[Stored items from a collection]
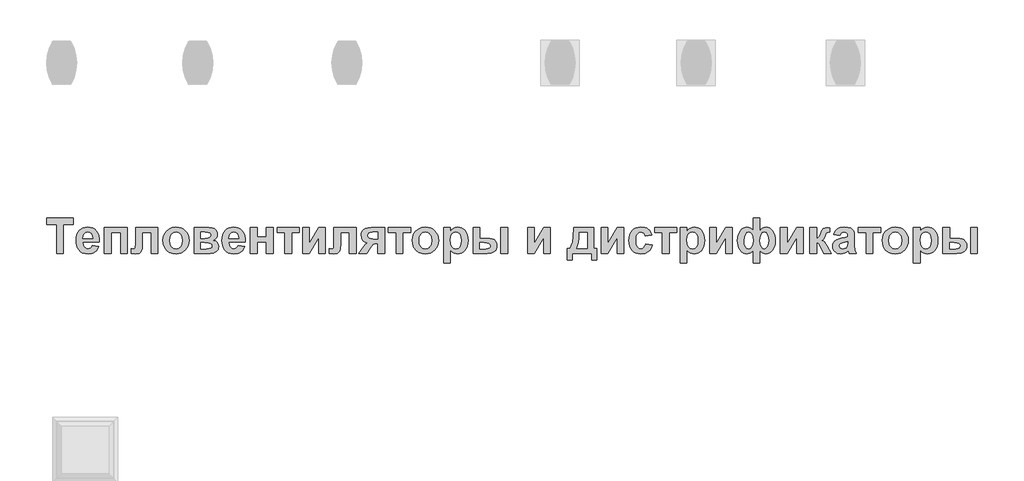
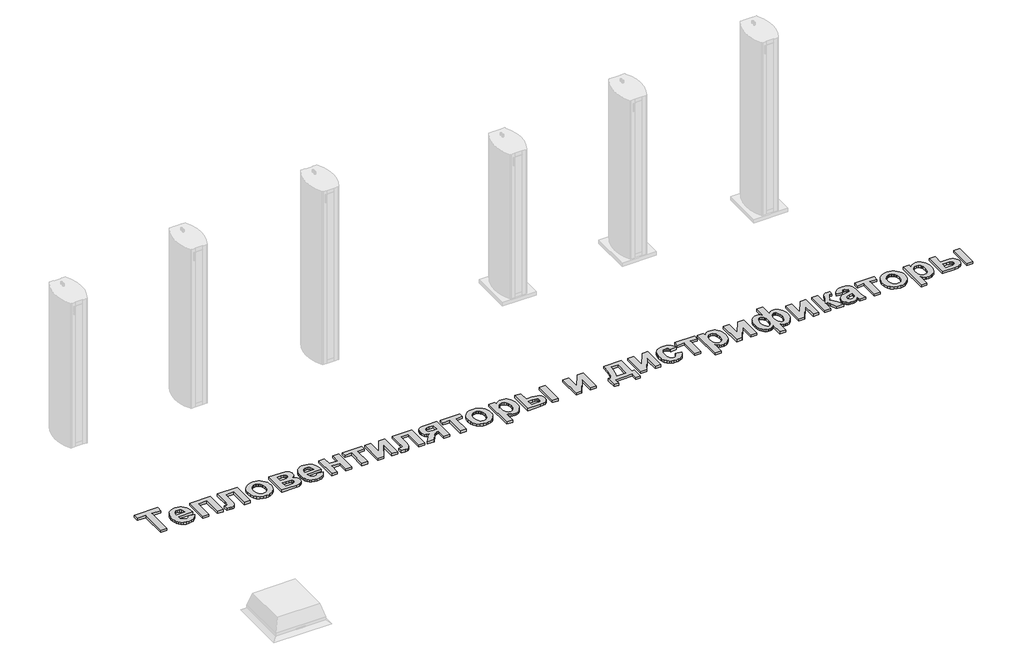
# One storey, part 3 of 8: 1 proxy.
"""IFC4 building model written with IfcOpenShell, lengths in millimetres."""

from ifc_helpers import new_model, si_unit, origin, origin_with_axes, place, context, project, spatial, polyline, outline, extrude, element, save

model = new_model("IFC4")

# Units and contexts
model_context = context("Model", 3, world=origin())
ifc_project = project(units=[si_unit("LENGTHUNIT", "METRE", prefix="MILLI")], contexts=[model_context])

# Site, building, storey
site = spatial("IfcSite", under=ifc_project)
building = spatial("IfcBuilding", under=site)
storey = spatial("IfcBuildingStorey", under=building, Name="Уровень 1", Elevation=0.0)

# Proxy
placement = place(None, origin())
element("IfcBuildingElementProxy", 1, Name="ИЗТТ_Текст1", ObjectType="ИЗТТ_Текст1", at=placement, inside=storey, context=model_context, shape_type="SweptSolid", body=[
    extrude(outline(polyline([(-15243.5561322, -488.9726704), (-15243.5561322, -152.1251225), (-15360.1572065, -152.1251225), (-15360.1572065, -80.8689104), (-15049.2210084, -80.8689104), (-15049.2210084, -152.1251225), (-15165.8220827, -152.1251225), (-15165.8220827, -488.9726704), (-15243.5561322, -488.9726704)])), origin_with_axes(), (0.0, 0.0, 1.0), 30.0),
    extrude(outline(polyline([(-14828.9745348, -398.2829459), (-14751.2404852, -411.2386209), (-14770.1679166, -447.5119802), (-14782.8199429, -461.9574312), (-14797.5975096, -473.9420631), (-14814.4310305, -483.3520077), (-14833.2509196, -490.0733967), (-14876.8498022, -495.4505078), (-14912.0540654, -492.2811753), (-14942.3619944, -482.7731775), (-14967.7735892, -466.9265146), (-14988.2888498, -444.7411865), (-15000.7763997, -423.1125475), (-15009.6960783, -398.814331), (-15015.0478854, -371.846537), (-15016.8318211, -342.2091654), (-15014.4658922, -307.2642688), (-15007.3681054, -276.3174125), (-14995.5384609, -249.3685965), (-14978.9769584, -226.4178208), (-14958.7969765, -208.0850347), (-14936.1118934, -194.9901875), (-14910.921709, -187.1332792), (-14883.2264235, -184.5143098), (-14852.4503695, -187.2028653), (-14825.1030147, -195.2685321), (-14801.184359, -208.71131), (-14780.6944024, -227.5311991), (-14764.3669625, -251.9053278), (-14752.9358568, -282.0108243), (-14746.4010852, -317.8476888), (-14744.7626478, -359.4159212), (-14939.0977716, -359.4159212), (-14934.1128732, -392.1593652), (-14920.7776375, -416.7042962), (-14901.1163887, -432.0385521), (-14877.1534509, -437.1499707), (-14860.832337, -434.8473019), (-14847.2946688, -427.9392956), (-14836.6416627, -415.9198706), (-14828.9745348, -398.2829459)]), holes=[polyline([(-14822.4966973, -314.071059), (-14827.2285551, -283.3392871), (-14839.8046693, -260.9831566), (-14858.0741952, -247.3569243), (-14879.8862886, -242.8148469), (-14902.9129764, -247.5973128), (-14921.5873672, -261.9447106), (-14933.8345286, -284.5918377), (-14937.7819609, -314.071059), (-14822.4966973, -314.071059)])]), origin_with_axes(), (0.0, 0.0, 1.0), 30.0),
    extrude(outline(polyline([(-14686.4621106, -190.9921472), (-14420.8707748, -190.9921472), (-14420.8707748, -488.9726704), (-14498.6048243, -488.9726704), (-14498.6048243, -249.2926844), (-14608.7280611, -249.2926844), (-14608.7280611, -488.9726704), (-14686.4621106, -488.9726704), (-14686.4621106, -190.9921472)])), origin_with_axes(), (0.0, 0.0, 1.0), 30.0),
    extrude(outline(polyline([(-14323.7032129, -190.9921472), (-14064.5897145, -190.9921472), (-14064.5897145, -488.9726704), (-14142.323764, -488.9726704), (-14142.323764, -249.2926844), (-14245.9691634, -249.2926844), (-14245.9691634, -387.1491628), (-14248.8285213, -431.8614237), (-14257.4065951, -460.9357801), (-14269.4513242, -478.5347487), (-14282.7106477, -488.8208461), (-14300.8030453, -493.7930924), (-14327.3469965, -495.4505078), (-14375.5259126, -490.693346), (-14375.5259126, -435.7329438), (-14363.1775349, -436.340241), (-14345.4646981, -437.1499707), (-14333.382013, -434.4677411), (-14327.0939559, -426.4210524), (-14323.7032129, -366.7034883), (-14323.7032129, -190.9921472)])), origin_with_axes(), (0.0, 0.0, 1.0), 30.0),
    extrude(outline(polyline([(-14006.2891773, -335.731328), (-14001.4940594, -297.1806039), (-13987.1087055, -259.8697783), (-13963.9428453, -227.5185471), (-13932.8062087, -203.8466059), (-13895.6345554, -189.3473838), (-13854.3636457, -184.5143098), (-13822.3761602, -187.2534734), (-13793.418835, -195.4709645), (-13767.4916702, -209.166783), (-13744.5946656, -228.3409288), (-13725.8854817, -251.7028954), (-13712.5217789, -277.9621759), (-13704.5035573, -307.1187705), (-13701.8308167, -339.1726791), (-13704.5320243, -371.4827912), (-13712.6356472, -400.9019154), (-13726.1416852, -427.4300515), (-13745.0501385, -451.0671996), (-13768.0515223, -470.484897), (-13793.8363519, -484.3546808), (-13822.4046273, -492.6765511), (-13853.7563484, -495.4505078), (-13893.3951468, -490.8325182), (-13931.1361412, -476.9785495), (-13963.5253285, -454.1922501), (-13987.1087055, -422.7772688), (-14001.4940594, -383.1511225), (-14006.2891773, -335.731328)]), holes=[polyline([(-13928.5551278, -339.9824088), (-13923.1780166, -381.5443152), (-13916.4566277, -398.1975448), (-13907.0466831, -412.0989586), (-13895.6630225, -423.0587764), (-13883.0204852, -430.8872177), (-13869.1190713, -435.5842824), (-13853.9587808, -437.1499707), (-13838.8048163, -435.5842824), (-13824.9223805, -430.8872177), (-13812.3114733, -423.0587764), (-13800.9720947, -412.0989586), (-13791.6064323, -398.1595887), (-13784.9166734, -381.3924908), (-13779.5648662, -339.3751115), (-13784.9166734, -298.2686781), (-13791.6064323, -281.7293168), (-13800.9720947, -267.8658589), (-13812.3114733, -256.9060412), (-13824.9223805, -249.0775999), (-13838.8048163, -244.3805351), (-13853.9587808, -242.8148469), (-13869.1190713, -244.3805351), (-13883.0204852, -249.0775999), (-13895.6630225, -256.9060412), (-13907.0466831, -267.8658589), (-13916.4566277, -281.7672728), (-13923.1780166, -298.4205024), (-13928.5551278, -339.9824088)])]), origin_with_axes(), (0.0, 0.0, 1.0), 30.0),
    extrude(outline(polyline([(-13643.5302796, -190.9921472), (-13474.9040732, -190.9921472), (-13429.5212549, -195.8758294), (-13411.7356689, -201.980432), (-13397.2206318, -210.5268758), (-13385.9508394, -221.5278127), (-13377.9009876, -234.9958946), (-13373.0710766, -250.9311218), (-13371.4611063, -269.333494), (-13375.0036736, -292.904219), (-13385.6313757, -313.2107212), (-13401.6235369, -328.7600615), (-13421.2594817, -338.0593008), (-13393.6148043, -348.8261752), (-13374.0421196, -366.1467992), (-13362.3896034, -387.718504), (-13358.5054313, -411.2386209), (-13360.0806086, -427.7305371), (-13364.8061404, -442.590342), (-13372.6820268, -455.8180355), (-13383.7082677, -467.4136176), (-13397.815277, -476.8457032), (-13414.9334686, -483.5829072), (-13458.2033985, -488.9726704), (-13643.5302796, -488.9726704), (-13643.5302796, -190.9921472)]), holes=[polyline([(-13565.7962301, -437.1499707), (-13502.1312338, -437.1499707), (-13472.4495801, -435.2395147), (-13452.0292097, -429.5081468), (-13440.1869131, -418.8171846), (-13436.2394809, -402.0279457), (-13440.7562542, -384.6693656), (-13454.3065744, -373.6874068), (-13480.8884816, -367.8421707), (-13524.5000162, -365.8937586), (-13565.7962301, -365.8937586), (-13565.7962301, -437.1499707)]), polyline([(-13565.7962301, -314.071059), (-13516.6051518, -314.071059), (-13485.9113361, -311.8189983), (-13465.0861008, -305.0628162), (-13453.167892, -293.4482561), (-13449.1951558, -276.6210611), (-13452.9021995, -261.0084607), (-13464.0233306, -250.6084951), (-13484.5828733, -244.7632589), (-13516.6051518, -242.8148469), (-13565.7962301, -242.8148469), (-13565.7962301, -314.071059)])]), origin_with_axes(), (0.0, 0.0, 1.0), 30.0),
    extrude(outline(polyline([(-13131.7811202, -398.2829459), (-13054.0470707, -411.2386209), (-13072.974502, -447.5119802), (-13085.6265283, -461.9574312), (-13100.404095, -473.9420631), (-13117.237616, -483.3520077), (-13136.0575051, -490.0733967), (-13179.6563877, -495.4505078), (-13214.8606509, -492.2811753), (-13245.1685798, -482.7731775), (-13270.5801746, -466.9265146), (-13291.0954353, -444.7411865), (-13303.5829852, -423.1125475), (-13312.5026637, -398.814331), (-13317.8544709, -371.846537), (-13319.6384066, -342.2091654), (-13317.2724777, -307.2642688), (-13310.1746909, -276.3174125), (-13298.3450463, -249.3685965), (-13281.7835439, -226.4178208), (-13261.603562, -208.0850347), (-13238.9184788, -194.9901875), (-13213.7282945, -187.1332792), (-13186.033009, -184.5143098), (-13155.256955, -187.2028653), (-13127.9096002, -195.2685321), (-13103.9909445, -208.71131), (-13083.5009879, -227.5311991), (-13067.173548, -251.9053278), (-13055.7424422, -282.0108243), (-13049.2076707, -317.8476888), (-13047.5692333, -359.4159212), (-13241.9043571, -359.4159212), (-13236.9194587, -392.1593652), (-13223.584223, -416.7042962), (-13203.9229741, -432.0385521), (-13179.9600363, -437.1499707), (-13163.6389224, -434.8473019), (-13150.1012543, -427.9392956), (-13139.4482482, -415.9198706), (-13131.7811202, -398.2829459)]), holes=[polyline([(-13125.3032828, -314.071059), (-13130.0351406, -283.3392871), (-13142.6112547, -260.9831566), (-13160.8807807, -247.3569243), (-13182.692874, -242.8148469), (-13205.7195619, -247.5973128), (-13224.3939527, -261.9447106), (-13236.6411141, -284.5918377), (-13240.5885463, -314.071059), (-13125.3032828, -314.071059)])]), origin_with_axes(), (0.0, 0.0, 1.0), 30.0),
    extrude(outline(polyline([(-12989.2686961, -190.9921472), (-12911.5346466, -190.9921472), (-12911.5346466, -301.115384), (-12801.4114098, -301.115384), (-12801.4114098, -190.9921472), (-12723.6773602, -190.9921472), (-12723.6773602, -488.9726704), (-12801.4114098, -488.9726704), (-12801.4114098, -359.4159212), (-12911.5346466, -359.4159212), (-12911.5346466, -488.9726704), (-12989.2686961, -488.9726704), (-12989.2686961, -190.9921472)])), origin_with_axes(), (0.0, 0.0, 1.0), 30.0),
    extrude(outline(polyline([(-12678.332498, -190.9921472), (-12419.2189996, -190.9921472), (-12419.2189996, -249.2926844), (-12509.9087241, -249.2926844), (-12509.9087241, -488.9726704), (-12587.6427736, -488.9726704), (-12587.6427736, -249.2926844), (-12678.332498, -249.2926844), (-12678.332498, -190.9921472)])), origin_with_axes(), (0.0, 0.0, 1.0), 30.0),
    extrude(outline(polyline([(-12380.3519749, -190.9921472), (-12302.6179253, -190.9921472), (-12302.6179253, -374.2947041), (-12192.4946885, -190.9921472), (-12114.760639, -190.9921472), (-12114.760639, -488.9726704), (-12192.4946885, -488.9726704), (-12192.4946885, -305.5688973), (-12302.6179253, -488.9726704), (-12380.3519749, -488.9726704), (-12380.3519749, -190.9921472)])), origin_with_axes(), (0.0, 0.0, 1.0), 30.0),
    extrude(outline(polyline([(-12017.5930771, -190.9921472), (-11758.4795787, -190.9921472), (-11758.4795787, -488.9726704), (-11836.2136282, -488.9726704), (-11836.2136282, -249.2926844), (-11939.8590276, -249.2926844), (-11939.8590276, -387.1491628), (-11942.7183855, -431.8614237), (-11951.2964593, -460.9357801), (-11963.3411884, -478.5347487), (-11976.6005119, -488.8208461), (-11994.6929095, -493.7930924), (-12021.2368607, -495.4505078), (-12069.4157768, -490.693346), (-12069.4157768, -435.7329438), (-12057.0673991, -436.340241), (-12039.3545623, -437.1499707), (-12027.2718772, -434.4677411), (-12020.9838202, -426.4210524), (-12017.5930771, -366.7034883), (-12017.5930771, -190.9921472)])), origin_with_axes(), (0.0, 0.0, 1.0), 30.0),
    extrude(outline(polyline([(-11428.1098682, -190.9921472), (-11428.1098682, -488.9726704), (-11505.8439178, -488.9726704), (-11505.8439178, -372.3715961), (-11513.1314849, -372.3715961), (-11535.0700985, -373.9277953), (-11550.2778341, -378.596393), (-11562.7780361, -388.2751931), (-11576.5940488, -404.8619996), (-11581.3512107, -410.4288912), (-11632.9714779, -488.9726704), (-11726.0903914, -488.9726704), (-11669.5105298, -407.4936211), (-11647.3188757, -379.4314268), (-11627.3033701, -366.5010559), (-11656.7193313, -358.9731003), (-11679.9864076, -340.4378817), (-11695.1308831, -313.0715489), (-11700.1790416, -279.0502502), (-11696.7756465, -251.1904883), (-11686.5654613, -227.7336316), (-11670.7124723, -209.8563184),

◆ **What is required**
What is needed is an exact copy of the lines from the beginning of the data through the line containing "# Site, building, storey", both included, without any pictures.

◆ **Result for this exercise**
# One storey, part 3 of 8: 1 proxy.
"""IFC4 building model written with IfcOpenShell, lengths in millimetres."""

from ifc_helpers import new_model, si_unit, origin, origin_with_axes, place, context, project, spatial, polyline, outline, extrude, element, save

model = new_model("IFC4")

# Units and contexts
model_context = context("Model", 3, world=origin())
ifc_project = project(units=[si_unit("LENGTHUNIT", "METRE", prefix="MILLI")], contexts=[model_context])

# Site, building, storey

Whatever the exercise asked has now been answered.